“I know. And in complete transparency, I knew you wouldn’t.”
I pull my legs to my chest. “Then why did you do it?”
“It was necessary.” He leans forward and presses his hand to my knees. “Please trust me. This is going to work out.”
“You can’t know that.”
“No. Not one hundred percent, but I sat in that Starbucks thinking about my meeting with him. I’m good at reading people, and what I saw in him was stubbornness and pride. He’s someone who needed to look me in the eye when I told him my interest was genuine. And if we let him wallow in that pride I just mentioned, we’ll be gone and his other investor will be in his face, and he’ll end up making the desperate, wrong choice.”
“You could have talked to me first.”
“Would you have said yes to me charging up to his door?”
“No.”
“Exactly.”
“What if you just made things worse?”
“What if I just made them better?Tryto trust me.”
“I do trust you.”
“Do you?”
“Considering what just happened, I think it’s safe to say I trust you.”
“We both know there are different ways to trust someone,” he says. “If you trusted my judgement on this, you’d feel good about where we are with your father. You don’t, and that’s okay. I’m willing to earn it.”
“It’s not that I don’t trust you, Ethan. I’m just worried about my father. I’m worried about me and my father, too.”
“I know how much he means to you. And I promise to make what matters to you matter to me.”
My heart squeezes with the commitment in those words I don’t want to read into, but it’s hard not to, at least a little. “Please don’t help my father for me. I know we’ve talked about this, but I need you to tell me one last time that’s not the case.”
“It’s not. There are other ways to help him than getting personally involved. I know people I could introduce him to who would treat him right. I promise you, when it comes to business, I don’t do anything for a favor or for charity. I do it because it’s a smart decision.”
I study him, searching his handsome face, and my fingers find his jawline, rasping over the dark stubble there, droplets of water running off my hand, and only then do I realize how comfortable I am touching him. He captures my hand and brings it to his lips, this tug between us that I’ve never felt with anyone else. I’ve dismissed anything real with him over and over, but how do I keep doing that when he’s the most real thing in my life?

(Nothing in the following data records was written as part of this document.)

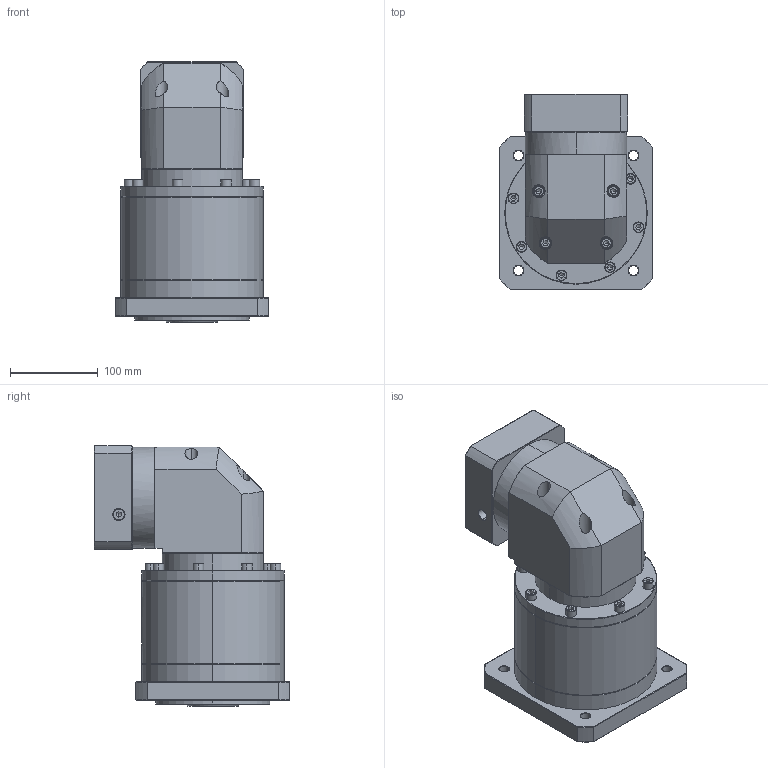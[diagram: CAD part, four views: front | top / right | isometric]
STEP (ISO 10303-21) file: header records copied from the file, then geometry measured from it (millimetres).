
FILE_DESCRIPTION (( 'STEP AP214' ), '1' );
FILE_NAME ('ZFR160A-K35-L3-P2-22-110-130-M8.step', '2023-09-03T09:45:34', ( '' ), ( '' ), 'SwSTEP 2.0', 'SolidWorks 2016', '' );
FILE_SCHEMA (( 'AUTOMOTIVE_DESIGN' ));
Length unit declared in the file: millimetre
Products named in the file (1): ZFR160A-K35-L3-P2-22-110-130-M8
Bounding box: 175 x 222.4 x 296.2 mm (x, y, z)
Volume: 5462144.8 mm3; surface area: 353703.1 mm2
Topology: 6 solids, 6 shells, 2414 faces, 6308 edges, 4020 vertices
Faces by surface type: plane 1139, cylinder 462, bspline 404, cone 365, torus 44
Entity records: 126339 total; most frequent: CARTESIAN_POINT 45613, ORIENTED_EDGE 12512, DIRECTION 9533, EDGE_CURVE 6256, VERTEX_POINT 4020, VECTOR 3383, LINE 3383, AXIS2_PLACEMENT_3D 3075

“You know my shitty love life,” he says, a prod in his voice. “Tell me about yours.”
“Uneventful,” I assure him. “I dated someone in college, but we never talked about forever. He went off to med school, and I went to design school.”
“Where did you go to school?”
“L.A. He went to Duke.”
“Where is he now?”
“No idea. We haven’t spoken since college.”
“And since then? Anyone serious?”
“Not really.”
“What kind of men?”
“A lawyer. A professor. Oddly, a UFC fighter, who was always on a strict diet and healing from an injury. The only reason we made it six months was we never saw each other.”